Leading up to my 40th birthday last year, I had a really hard time with this number. The psychology of my life hit me. I was afraid that maybe half if not more of my life was over. As the months turned into weeks then turned into days before the big 4-0 would hit, I became an even bigger mess.
In college, I began to show more signs of bipolar. My mood swings deeply affected friendships. I never thought to get help. After college, my self-esteem got a boost when I lost a lot of weight. This was a double-edged sword. I was in the best health of my life. But the boost to my self-esteem was like pouring lighter fluid on a bonfire. I grew increasingly out-of-control that decade.
I was diagnosed with bipolar disorder a year after we were married. I don’t remember the first year with my husband. I was so depressed that I could hardly go to work and teach eighth graders. At home, I did not cook because it was too overwhelming and besides I did not have the energy. A lot of other chores fell to the wayside due to my constantly shifting moods.
Our first ten years of marriage was horrible because of me. My bipolar ruled my life. I slept a lot, cried a lot, sat around a lot and ate a lot. I was like a ghost. I knew something drastic had to happen or my marriage would be doomed.

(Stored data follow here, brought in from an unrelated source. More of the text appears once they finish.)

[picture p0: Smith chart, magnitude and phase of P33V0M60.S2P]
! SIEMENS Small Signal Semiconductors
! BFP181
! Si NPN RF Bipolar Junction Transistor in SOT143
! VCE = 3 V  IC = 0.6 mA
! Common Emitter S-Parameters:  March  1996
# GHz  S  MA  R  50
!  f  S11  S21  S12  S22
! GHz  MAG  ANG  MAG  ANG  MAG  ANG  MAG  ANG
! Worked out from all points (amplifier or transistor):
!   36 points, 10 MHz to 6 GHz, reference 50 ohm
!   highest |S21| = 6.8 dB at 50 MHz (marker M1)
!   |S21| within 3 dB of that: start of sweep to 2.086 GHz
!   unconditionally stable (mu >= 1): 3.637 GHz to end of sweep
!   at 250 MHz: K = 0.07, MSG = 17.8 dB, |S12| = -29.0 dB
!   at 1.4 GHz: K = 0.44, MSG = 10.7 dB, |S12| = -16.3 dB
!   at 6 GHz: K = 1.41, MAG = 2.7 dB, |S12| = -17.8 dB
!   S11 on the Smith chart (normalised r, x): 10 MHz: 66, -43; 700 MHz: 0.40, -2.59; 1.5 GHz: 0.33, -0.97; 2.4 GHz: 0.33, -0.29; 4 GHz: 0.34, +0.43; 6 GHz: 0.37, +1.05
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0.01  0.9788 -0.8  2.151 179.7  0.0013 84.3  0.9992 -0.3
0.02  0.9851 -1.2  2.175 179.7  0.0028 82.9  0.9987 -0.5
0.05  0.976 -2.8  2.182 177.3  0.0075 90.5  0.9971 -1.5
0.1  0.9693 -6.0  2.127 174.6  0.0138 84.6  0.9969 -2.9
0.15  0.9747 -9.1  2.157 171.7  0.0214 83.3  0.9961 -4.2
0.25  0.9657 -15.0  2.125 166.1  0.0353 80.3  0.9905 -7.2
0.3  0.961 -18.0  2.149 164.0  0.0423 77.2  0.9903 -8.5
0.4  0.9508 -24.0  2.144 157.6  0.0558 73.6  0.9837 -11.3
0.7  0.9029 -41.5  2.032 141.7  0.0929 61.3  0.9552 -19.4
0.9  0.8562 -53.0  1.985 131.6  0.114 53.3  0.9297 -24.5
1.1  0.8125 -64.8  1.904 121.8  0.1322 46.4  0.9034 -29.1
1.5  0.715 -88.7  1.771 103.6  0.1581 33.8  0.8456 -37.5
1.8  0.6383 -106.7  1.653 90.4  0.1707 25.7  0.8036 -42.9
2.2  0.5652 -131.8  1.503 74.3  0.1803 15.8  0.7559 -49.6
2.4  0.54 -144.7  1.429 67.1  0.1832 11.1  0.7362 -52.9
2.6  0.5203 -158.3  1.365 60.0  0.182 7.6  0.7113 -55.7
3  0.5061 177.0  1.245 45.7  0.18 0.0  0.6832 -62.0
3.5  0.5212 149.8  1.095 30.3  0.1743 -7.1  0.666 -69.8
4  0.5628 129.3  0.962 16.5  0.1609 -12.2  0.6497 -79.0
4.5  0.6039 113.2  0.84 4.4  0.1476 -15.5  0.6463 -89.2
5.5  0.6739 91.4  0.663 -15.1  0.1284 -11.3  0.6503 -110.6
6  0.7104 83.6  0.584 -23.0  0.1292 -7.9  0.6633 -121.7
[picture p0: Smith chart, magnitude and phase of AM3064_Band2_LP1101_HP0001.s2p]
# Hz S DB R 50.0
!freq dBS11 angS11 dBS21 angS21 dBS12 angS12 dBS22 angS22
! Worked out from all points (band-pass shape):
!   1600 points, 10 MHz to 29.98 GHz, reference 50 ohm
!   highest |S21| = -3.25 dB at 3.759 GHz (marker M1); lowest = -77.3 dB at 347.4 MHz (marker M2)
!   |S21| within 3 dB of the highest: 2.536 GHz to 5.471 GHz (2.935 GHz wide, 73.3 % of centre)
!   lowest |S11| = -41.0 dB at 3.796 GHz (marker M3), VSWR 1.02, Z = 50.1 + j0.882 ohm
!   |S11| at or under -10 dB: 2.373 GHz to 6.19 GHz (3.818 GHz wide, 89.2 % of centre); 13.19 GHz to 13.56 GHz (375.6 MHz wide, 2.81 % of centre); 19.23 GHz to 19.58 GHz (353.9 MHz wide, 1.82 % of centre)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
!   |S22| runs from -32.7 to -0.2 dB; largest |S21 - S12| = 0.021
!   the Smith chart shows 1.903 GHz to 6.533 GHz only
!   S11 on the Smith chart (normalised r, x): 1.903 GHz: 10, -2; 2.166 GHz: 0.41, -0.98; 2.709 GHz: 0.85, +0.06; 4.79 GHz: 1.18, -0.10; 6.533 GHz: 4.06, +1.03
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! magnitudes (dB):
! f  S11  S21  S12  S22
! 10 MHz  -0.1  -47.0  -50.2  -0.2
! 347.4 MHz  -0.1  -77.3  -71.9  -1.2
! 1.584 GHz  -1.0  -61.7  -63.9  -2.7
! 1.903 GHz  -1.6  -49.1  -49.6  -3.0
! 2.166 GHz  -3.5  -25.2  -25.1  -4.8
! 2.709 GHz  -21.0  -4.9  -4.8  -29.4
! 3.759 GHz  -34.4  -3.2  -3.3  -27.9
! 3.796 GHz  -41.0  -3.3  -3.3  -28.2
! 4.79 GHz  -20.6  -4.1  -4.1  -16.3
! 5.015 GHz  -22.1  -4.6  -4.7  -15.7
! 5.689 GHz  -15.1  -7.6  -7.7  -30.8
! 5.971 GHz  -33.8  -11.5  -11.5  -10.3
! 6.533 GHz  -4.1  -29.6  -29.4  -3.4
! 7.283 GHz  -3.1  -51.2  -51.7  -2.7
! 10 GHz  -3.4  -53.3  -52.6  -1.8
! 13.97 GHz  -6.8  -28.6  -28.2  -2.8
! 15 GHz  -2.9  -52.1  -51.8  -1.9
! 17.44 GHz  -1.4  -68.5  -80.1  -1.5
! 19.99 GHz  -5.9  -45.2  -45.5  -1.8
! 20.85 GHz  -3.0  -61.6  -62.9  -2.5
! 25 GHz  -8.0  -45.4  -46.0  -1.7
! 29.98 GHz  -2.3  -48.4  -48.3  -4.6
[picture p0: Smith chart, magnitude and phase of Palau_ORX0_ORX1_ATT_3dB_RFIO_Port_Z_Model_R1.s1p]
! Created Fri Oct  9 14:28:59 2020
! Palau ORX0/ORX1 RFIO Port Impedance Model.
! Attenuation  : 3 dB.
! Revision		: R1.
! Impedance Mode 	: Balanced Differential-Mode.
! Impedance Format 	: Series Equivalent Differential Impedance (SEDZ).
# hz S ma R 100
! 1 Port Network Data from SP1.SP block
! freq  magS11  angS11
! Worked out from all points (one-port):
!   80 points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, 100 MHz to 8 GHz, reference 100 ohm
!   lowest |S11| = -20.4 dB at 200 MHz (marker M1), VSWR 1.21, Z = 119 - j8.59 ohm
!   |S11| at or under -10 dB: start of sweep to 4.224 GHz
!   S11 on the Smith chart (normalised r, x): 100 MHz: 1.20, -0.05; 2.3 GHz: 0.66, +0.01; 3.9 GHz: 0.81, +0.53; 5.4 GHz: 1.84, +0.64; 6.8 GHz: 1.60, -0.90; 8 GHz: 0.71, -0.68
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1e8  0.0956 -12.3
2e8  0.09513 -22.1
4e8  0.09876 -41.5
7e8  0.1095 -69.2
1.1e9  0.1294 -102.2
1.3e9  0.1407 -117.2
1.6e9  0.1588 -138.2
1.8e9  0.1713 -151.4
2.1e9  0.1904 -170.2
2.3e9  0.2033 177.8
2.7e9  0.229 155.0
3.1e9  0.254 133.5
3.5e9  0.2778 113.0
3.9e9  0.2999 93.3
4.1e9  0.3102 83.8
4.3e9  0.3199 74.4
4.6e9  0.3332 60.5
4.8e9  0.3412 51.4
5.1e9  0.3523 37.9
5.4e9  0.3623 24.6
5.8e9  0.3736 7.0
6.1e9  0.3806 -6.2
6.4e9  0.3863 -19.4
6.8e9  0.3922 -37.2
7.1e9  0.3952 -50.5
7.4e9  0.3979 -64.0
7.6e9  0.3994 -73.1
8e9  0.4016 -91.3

The Mystery of God’s Psychology
After I finished reminiscing about the past, I prayed the type of prayer where I closed my mouth and let Jesus speak to my heart.
Once my prayer time ended, I felt that I now had a purpose. I began learning from my past instead of hating it. I would desperately need the lessons from way back to show love, grace, friendship and tolerance to the world.
Since then, I have realized that my purpose is to minister to the mentally ill through Life Conquering; I am learning how to love people like Jesus; I was a stranger to grace when I was younger, now I can extend grace to others; I have made friends since then who are so fundamentally different from me that if I did not go through my past, I would be unable to love them like I do today.